如何实施最大咀嚼? [英] How is maximal-munch implemented?

查看:111
本文介绍了如何实施最大咀嚼?的处理方法,对大家解决问题具有一定的参考价值,需要的朋友们下面随着小编来一起学习吧!

问题描述

我正在研究编译器,并且正在学习词法分析.我知道可以将每个词素指定为正则表达式,并且使用flex可以自动生成词法分析器.我正在进一步学习如何将正则表达式转换为NFA,然后再将其转换为DFA,并在其中进行快速评估.

I am studying compilers and am learning about lexical analysis. I understand that one specifies each lexeme as a regular expression, and using flex, a lexer can be automatically generated.
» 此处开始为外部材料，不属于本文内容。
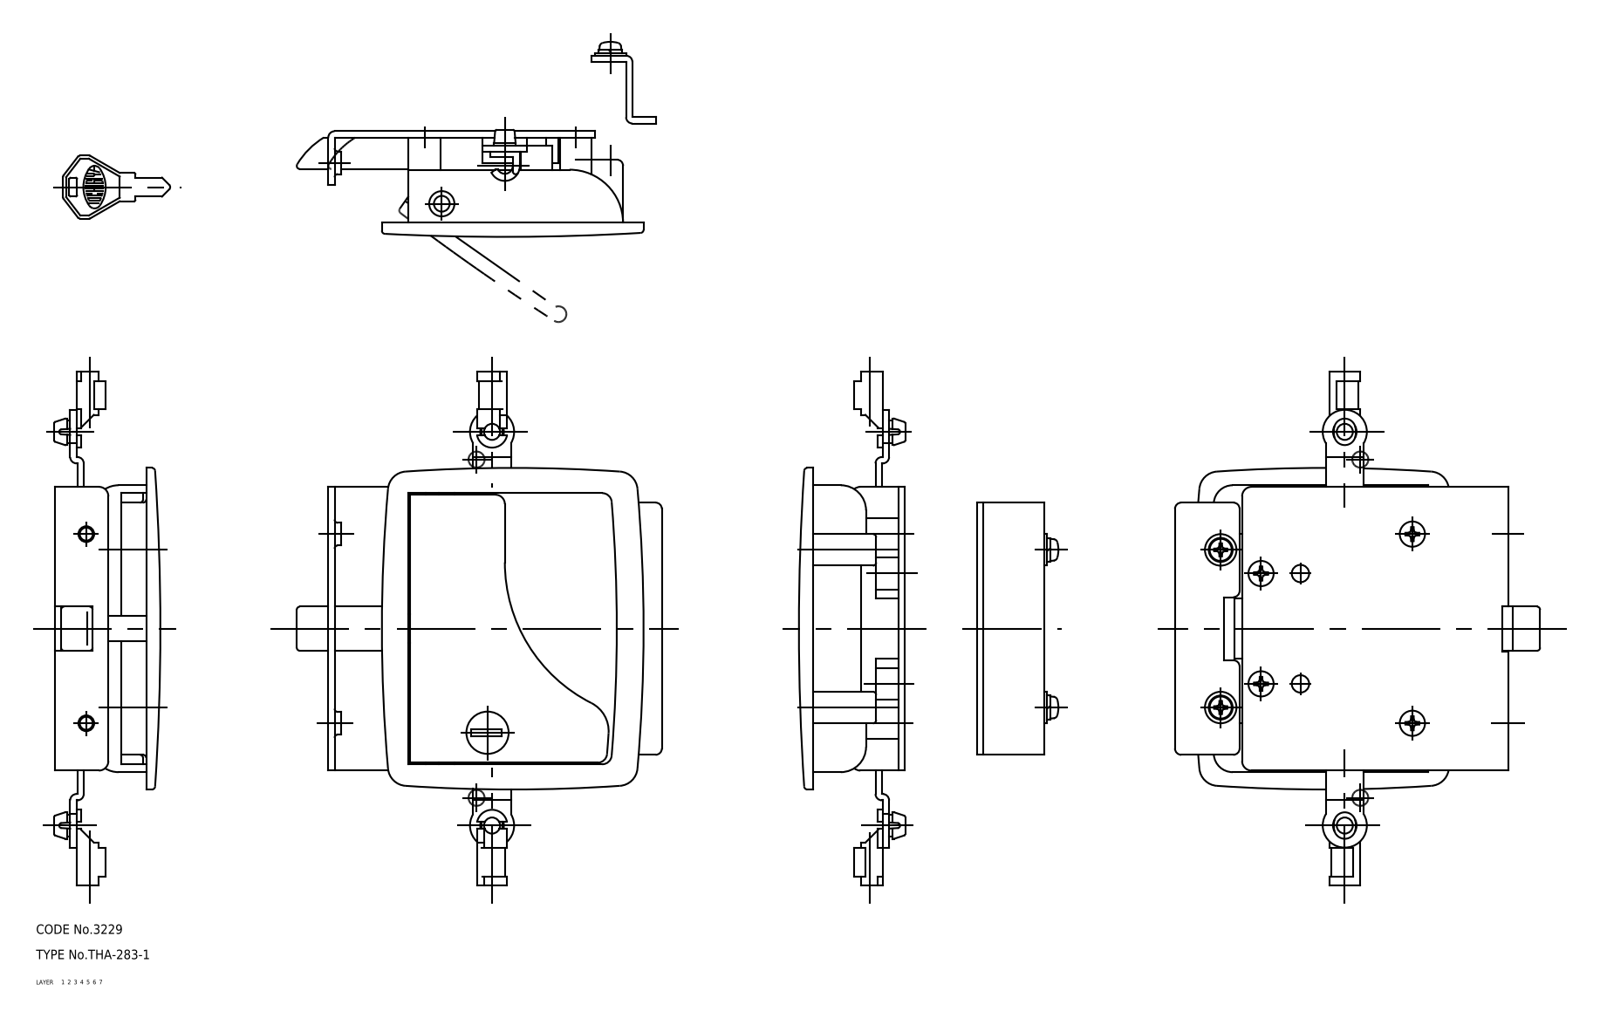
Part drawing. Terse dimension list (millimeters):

I am further learning about how the regular expression is converted to an NFA which is then converted to a DFA, where it can be quickly evaluated.

但是,我的问题是,最大咀嚼规则是如何实施的?在内部,词法分析器如何知道继续前进"以找到最长的词素?

However, my question is, how is the maximal-munch rule implemented? Internally, how does the lexer know to "keep going" to find the longest possible lexeme?

谢谢!

推荐答案

通过在DFA执行器中添加少量可变状态,并添加DFA执行器回滚"输入的功能,可以实现最大的munch算法. :实际上,为它提供了tell()seek()之类的功能.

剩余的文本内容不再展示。